2139 / 5000 Resultados de traducción Cataract and glaucoma
22 December 2020
Cataract and glaucoma are eye conditions that can occur simultaneously in the same patient.
Cataract is the opacification of the natural lens of the eye (called the crystalline lens) and glaucoma is a dangerous and degenerative disease of the nerve of the eye that can lead to blindness without solution.
When a patient with glaucoma develops a cataract, they notice that their vision becomes blurred and progressively reduced, however, the diminished vision caused by the cataract can recover after surgery.
The advantages that cataract surgery offers in a patient with glaucoma are:
- The percentage of vision that has been lost due to the cataract is recovered;
- it reduces intraocular pressure, because the space that is left free when the cataract is extracted allows the fluid from the eye to escape more easily;
- Studies to assess the progression of glaucoma are more reliable after removing the cataract, because the light penetrates the eye better;
- can be performed simultaneously with glaucoma surgery, without the need for two separate procedures.
The surgery will help restore the vision that the cataract has removed, however, the vision that has been lost due to glaucoma cannot be recovered.
It is also possible that the cataract can produce high pressure in the eye and, if it is not operated in time, develop secondary glaucoma due to:
- very mature cataracts, which liquefy and release their components within the eye, producing persistent inflammation and high pressure in the eye;
- cataracts secondary to trauma;
cataracts so thick that they close the drainage system of the eye.

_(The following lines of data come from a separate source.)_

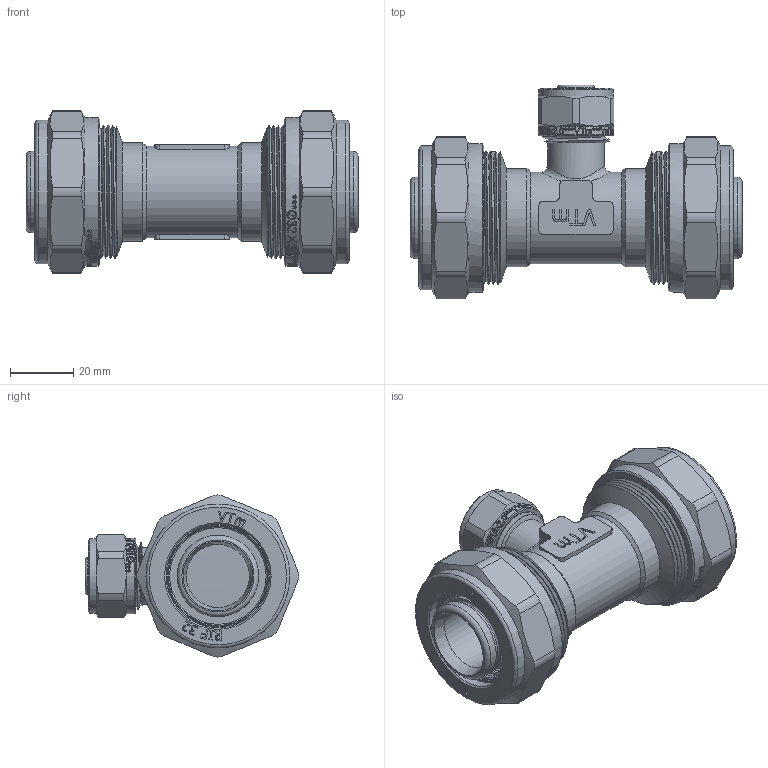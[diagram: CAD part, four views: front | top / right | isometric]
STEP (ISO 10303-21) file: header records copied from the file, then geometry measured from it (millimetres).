
FILE_DESCRIPTION(/* description */ (''),/* implementation_level */ '2;1');
FILE_NAME(/* name */ 'E:\Артём\00000\Работа удаленка\Обжимные фитинги\VTm.331.N.321632.stp',/* time_stamp */ '2020-06-30T13:11:41+03:00',/* author */ ('BeN_GaN'),/* organization */ (''),/* preprocessor_version */ 'ST-DEVELOPER v18',/* originating_system */ 'Autodesk Inventor 2020',/* authorisation */ '');
FILE_SCHEMA (('AUTOMOTIVE_DESIGN { 1 0 10303 214 3 1 1 }'));
Length unit declared in the file: millimetre
Products named in the file (1): VTm.331.N.321632
Bounding box: 105 x 67.65 x 51.3 mm (x, y, z)
Volume: 86417.6 mm3; surface area: 45616.7 mm2
Topology: 1 solids, 1 shells, 2051 faces, 5810 edges, 3918 vertices
Faces by surface type: bspline 1107, plane 570, cylinder 254, torus 72, cone 48
Full cylindrical faces by diameter (mm): 8 x1, 9.4 x2, 11.75 x4, 16 x4, 16.2 x1, 16.6 x4, 17 x1, 17.4 x3, 18 x1, 18.6 x2, 20 x1, 23.4 x4, 23.5 x1, 24 x1, 25.75 x10, 29 x1, 30.538 x8, 31 x2, 31.683 x10, 32.2 x2, 32.7 x2, 35.5 x2, 40.38 x16, 40.5 x7, 42 x6, 45.5 x2, 47 x2
Entity records: 90513 total; most frequent: CARTESIAN_POINT 44418, ORIENTED_EDGE 11630, DIRECTION 6094, EDGE_CURVE 5815, VERTEX_POINT 3923, LINE 2480, VECTOR 2480, B_SPLINE_CURVE_WITH_KNOTS 2417

When the glaucoma is very advanced or terminal, and the condition of the nerve is very delicate, it is likely that the patient can no longer undergo cataract surgery due to the risk it represents, which is why the importance of a timely and periodic check-up with the ophthalmologist . The glaucoma specialist will assess the risks and benefits of surgery and offer it to you, as long as the benefits far outweigh the probable risks.
Dr. Katherine Rivera
General Ophthalmology
Specialty in Glaucoma and Anterior Segment.